KUALA LUMPUR (Feb 3): To say Malaysia’s much anticipated Visit Malaysia Year 2020 (VMY2020) is not off to a good start is probably an understatement, what with the severe blow dealt to the tourism industry by the Wuhan virus, now a global health emergency that has caused the death of over 300 and infected over 14,000 worldwide since the start of the outbreak at end-December. And there is no sign, so far, that the infection is abating.

Tourism-related stocks, especially aviation, have been bearing the brunt of fear-stoked selling since the outbreak. As of last Friday, AirAsia Group Bhd’s stock price has plummeted 15.9% to RM1.43 apiece from Dec 31, erasing more than RM900 million of its market capitalisation in just one month.

In the same period, its sister company, AirAsia X Bhd, lost 18.8% of its market value to close at 13 sen apiece last Friday, while airport operator Malaysia Airports Holdings Bhd’s (MAHB) stock price fell 12.7% to RM6.74.

Most major airlines have cancelled their routes to the outbreak’s epicentre of Wuhan — including AirAsia — and the Malaysian government is reportedly considering blocking all flights originating from China, raising more concerns about the possibility of achieving its VMY2020 targets of 30 million tourists and RM100 billion receipts.
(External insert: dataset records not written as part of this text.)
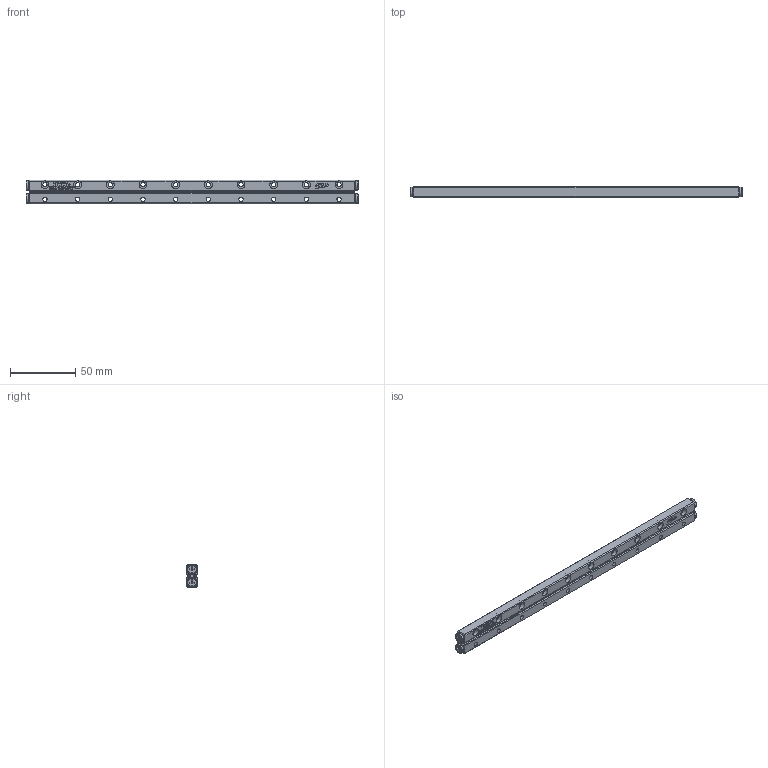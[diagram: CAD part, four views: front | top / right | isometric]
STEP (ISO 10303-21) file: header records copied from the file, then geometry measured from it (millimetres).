
FILE_DESCRIPTION (( 'STEP AP203' ), '1' );
FILE_NAME ('GRV03-250.STEP', '2023-10-20T03:38:44', ( '' ), ( '' ), 'SwSTEP 2.0', 'SolidWorks 2019', '' );
FILE_SCHEMA (( 'CONFIG_CONTROL_DESIGN' ));
Length unit declared in the file: millimetre
Products named in the file (3): GRV03-250-模糊化軌道; GRV03-250; GRVP03-250-模糊化保持器組
Assembly tree (3 placements, depth 2):
  GRV03-250
    GRV03-250-模糊化軌道  x2
    GRVP03-250-模糊化保持器組
Bounding box: 254 x 8 x 18 mm (x, y, z)
Volume: 30435.7 mm3; surface area: 22382.4 mm2
Topology: 3 solids, 3 shells, 1282 faces, 3172 edges, 2064 vertices
Faces by surface type: plane 812, cylinder 226, bspline 140, torus 68, cone 36
Full cylindrical faces by diameter (mm): 3.3 x20, 6 x20, 7.5 x4
Entity records: 30970 total; most frequent: CARTESIAN_POINT 10297, ORIENTED_EDGE 4374, DIRECTION 3751, EDGE_CURVE 2187, VERTEX_POINT 1446, LINE 1359, VECTOR 1359, AXIS2_PLACEMENT_3D 1196

“This is not a good start to VMY2020. With the Wuhan virus outbreak, the targets set under VMY2020 seem to be at risk. Although the cases are mostly (99%) in China, the incident would nonetheless be a detriment to overall tourist arrivals as people turn cautious on travelling.

“Tourism-related sectors that we expect to be negatively impacted by the virus outbreak are aviation (lower air travel demand), gaming (fewer tourists to casinos and hotels), and potentially consumers (severe acute respiratory syndrome [SARS] experience saw a sequential decline in sentiment and private consumption),” Hong Leong Investment Bank analysts wrote in a note.

Gaming counters Genting Bhd and Genting Malaysia Bhd (GenM) have fallen 8% to 10% in the one month since the outbreak. Those in the hospitality and retail landscape are not spared from the market selldown either — Shangri-La Hotels (Malaysia) Bhd and YTL Hospitality REIT have lost about 6.9% and 2.2%, respectively. Even the usually defensive KLCC Stapled Group, which has prime shopping malls in the Kuala Lumpur city centre, has gone down nearly 2%.

‘Don’t panic sell’

While the epidemic continues to send shivers down markets everywhere, Jerry Lee Chee Yeong, an assistant portfolio manager at Fundsupermart, said the current selldown of certain stocks appears to have been overdone. Nevertheless, he cautioned that volatility may persist in the global and local equity markets, especially among tourism-linked counters.

“I would advise investors to remain cautious as the number of confirmed cases will likely continue to rise over the next couple of weeks as the number of suspected cases still remains high.

“Having said that, if history is any guide, the impact of such a virus on the economy is rather short-lived. Hence, at this moment, investors should not jump the gun and panic sell their investments. Long-term value investors can consider adding some exposure if prices drop further due to irrational sell-offs,” Lee said when contacted.

Similarly, Credit Suisse research analyst Danny Goh pointed to how tourism-related stocks such as Genting, GenM, and MAHB, which were sold down due to concerns over the 2002-2003 SARS outbreak, soon saw their share prices recover and even surpass the pre-SARS level by November 2003 — just three months after concerns over the SARS outbreak eased.

“Genting and GenM are [currently] both trading at the bottom of their historical price-earnings ratio valuation range, and at similar levels to that in the SARS period, albeit with some possible downside risks to net profit estimates. We urge investors to monitor the [Wuhan virus] situation and expect these stocks to stage a rebound soon after travel concerns ease,” he said.

He also observed that while tourist arrivals plunged as much as 57% to 456,000 per month in April 2003 at the height of the SARS outbreak when compared with pre-SARS level in January 2003, the numbers rebounded sharply post-SARS. Tourist arrivals, he noted, rose 29% in the three months of August to October 2003, compared with the average recorded during the February to August period of that year.

Analysts at Maybank Kim Eng think that countries that are more open and dependent on China’s trade and tourism will be negatively impacted, with Singapore and Thailand seen as the ones likely to be the most hit within Asean. Malaysia and Vietnam, on the other hand, are expected to see a smaller negative impact.

“Malaysia will take some hit from the decline in China tourists, especially the casino sector, which felt a blow in the SARS episode. Resorts World Genting saw net profit plunge by 45% in the first half of 2003 during the peak of the SARS epidemic.

“Our gaming analyst does not discount the possibility that the Malaysian government will roll back some of the 10% duty rate hike that came into effect on Jan 1, 2019,” it added.

This article first appeared in The Edge Financial Daily, on Feb 3, 2020.